A similar relation between in vitro data and the in vivo susceptibility of a resistant strain was shown by Mordenti et al. (18). They compared data derived from standard in vitro time-kill experiments and similar tests in an animal model combining amikacin with ticarcillin. They showed that the lowest concentration of the drugs that was still synergistic in standard time-kill experiments predicted whether a resistant strain would be susceptible during combination therapy. However, the use of time-kill experiments is far more laborious than the use of the E-test method recently described by White et al. (33).

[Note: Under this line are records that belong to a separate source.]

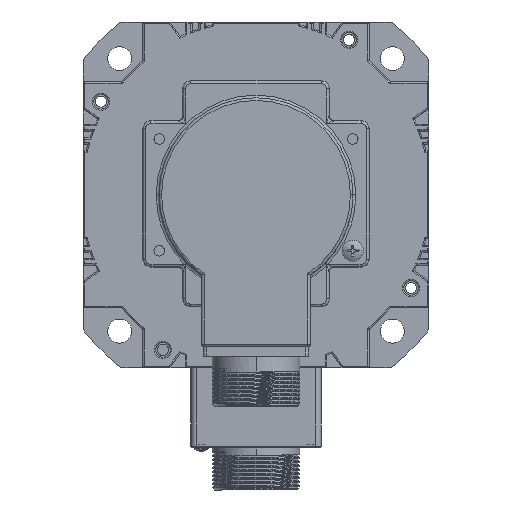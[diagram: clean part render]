
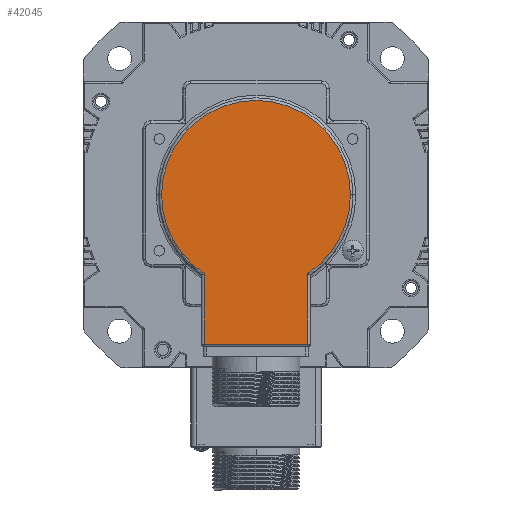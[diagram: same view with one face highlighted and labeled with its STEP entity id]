
A CAD part, front view. The second image highlights one B-rep face of the part: STEP entity #42045.
In plain terms, the highlighted planar face has unit normal (0, -1, 0) as drawn and (0, 0, -1) by its records, which use the part's own axes.
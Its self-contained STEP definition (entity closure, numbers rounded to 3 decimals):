
#1558 = VECTOR ( 'NONE', #21045, 1000. ) ;
#2374 = CARTESIAN_POINT ( 'NONE',  ( -35.5, 0., -33. ) ) ;
#2875 = VERTEX_POINT ( 'NONE', #2374 ) ;
#10611 = DIRECTION ( 'NONE',  ( 1., 0., 0. ) ) ;
#10709 = DIRECTION ( 'NONE',  ( -1., 0., 0. ) ) ;
#12541 = VECTOR ( 'NONE', #10611, 1000. ) ;
#13790 = AXIS2_PLACEMENT_3D ( 'NONE', #62640, #51763, #40671 ) ;
#13878 = AXIS2_PLACEMENT_3D ( 'NONE', #42851, #48087, #10709 ) ;
#14436 = AXIS2_PLACEMENT_3D ( 'NONE', #44403, #22923, #45120 ) ;
#18876 = DIRECTION ( 'NONE',  ( -1., 0., 0. ) ) ;
#19439 = ORIENTED_EDGE ( 'NONE', *, *, #52653, .T. ) ;
#21045 = DIRECTION ( 'NONE',  ( 0., 1., 0. ) ) ;
#21107 = CIRCLE ( 'NONE', #14436, 35.5 ) ;
#21381 = ORIENTED_EDGE ( 'NONE', *, *, #67497, .T. ) ;
#22923 = DIRECTION ( 'NONE',  ( 0., 0., -1. ) ) ;
#22928 = ORIENTED_EDGE ( 'NONE', *, *, #38887, .T. ) ;
#27705 = AXIS2_PLACEMENT_3D ( 'NONE', #35141, #67964, #18876 ) ;
#28066 = ORIENTED_EDGE ( 'NONE', *, *, #33892, .T. ) ;
#28655 = CARTESIAN_POINT ( 'NONE',  ( 35.5, 0., -33. ) ) ;
#31863 = CARTESIAN_POINT ( 'NONE',  ( -19.5, 57.15, -33. ) ) ;
#32054 = CARTESIAN_POINT ( 'NONE',  ( 19.5, 29.665, -33. ) ) ;
#32808 = ORIENTED_EDGE ( 'NONE', *, *, #45332, .T. ) ;
#32901 = VERTEX_POINT ( 'NONE', #51954 ) ;
#33892 = EDGE_CURVE ( 'NONE', #69352, #50395, #40768, .T. ) ;
#34131 = ORIENTED_EDGE ( 'NONE', *, *, #66787, .T. ) ;
#35141 = CARTESIAN_POINT ( 'NONE',  ( 0., 0., -33. ) ) ;
#35780 = EDGE_LOOP ( 'NONE', ( #19439, #21381, #28066, #22928, #34131, #32808 ) ) ;
#37236 = DIRECTION ( 'NONE',  ( 0., -1., 0. ) ) ;
#37696 = CARTESIAN_POINT ( 'NONE',  ( 19.5, 30.199, -33. ) ) ;
#38887 = EDGE_CURVE ( 'NONE', #50395, #70096, #48849, .T. ) ;
#40671 = DIRECTION ( 'NONE',  ( -1., 0., 0. ) ) ;
#40768 = LINE ( 'NONE', #37696, #60248 ) ;
#42045 = ADVANCED_FACE ( 'NONE', ( #51004 ), #51478, .T. ) ;
#42851 = CARTESIAN_POINT ( 'NONE',  ( 0., 0., -33. ) ) ;
#44403 = CARTESIAN_POINT ( 'NONE',  ( 0., 0., -33. ) ) ;
#45120 = DIRECTION ( 'NONE',  ( -1., 0., 0. ) ) ;
#45332 = EDGE_CURVE ( 'NONE', #2875, #32901, #68032, .T. ) ;
#48087 = DIRECTION ( 'NONE',  ( 0., 0., -1. ) ) ;
#48849 = CIRCLE ( 'NONE', #13878, 35.5 ) ;
#50395 = VERTEX_POINT ( 'NONE', #32054 ) ;
#51004 = FACE_OUTER_BOUND ( 'NONE', #35780, .T. ) ;
#51478 = PLANE ( 'NONE',  #27705 ) ;
#51763 = DIRECTION ( 'NONE',  ( 0., 0., -1. ) ) ;
#51954 = CARTESIAN_POINT ( 'NONE',  ( -19.5, 29.665, -33. ) ) ;
#52653 = EDGE_CURVE ( 'NONE', #32901, #63808, #65866, .T. ) ;
#53630 = CARTESIAN_POINT ( 'NONE',  ( 20.5, 56.15, -33. ) ) ;
#58555 = CARTESIAN_POINT ( 'NONE',  ( -19.5, 56.15, -33. ) ) ;
#60248 = VECTOR ( 'NONE', #37236, 1000. ) ;
#61556 = LINE ( 'NONE', #53630, #12541 ) ;
#61621 = CARTESIAN_POINT ( 'NONE',  ( 19.5, 56.15, -33. ) ) ;
#62640 = CARTESIAN_POINT ( 'NONE',  ( 0., 0., -33. ) ) ;
#63808 = VERTEX_POINT ( 'NONE', #58555 ) ;
#65866 = LINE ( 'NONE', #31863, #1558 ) ;
#66787 = EDGE_CURVE ( 'NONE', #70096, #2875, #21107, .T. ) ;
#67497 = EDGE_CURVE ( 'NONE', #63808, #69352, #61556, .T. ) ;
#67964 = DIRECTION ( 'NONE',  ( 0., 0., -1. ) ) ;
#68032 = CIRCLE ( 'NONE', #13790, 35.5 ) ;
#69352 = VERTEX_POINT ( 'NONE', #61621 ) ;
#70096 = VERTEX_POINT ( 'NONE', #28655 ) ;

To study the pharmacodynamic principles of combination therapy in a way similar to that used for monotherapy (31, 32), new parameters are needed. Such new parameters (AUC_combi, C_max-combi, and T_>FICi) obtained with the use of FIC curves and a fourth parameter (i.e., T_>MIC-combi) that could be estimated from the concentration-time curves were proposed in this report. A stepwise linear regression analysis of these four new pharmacodynamic parameters for combination therapy revealed that T_>FICi is the most important parameter that predicts the efficacy (P < 0.01) of tobramycin and ceftazidime combinations against P. aeruginosa. For all four strains together this parameter showed a reasonable correlation with the log₁₀ CFU per milliliter at 24 h (R² = 0.6821); an even better correlation was found for strain CF 133 alone (R² = 0.7604). The fact that the T_>FICi is important may explain why the use of nonsimultaneous dosing regimens will result in greater killing than that from simultaneous dosing of these agents (1, 12, 17), since the nonsimultaneous dosing regimens provide longer T_>FICis compared to those provided by the simultaneous dosing regimens. However, due to variability in the data these correlations may seem overinterpreted, but the multilinear regression analysis and the statistical tests show significant correlations. Even though there is variability in the data, the correlations between the four pharmacodynamic parameters and efficacy suggest that all parameters are linked to efficacy, and further research along these lines is needed to reveal the right correlations for all kinds of combination therapy.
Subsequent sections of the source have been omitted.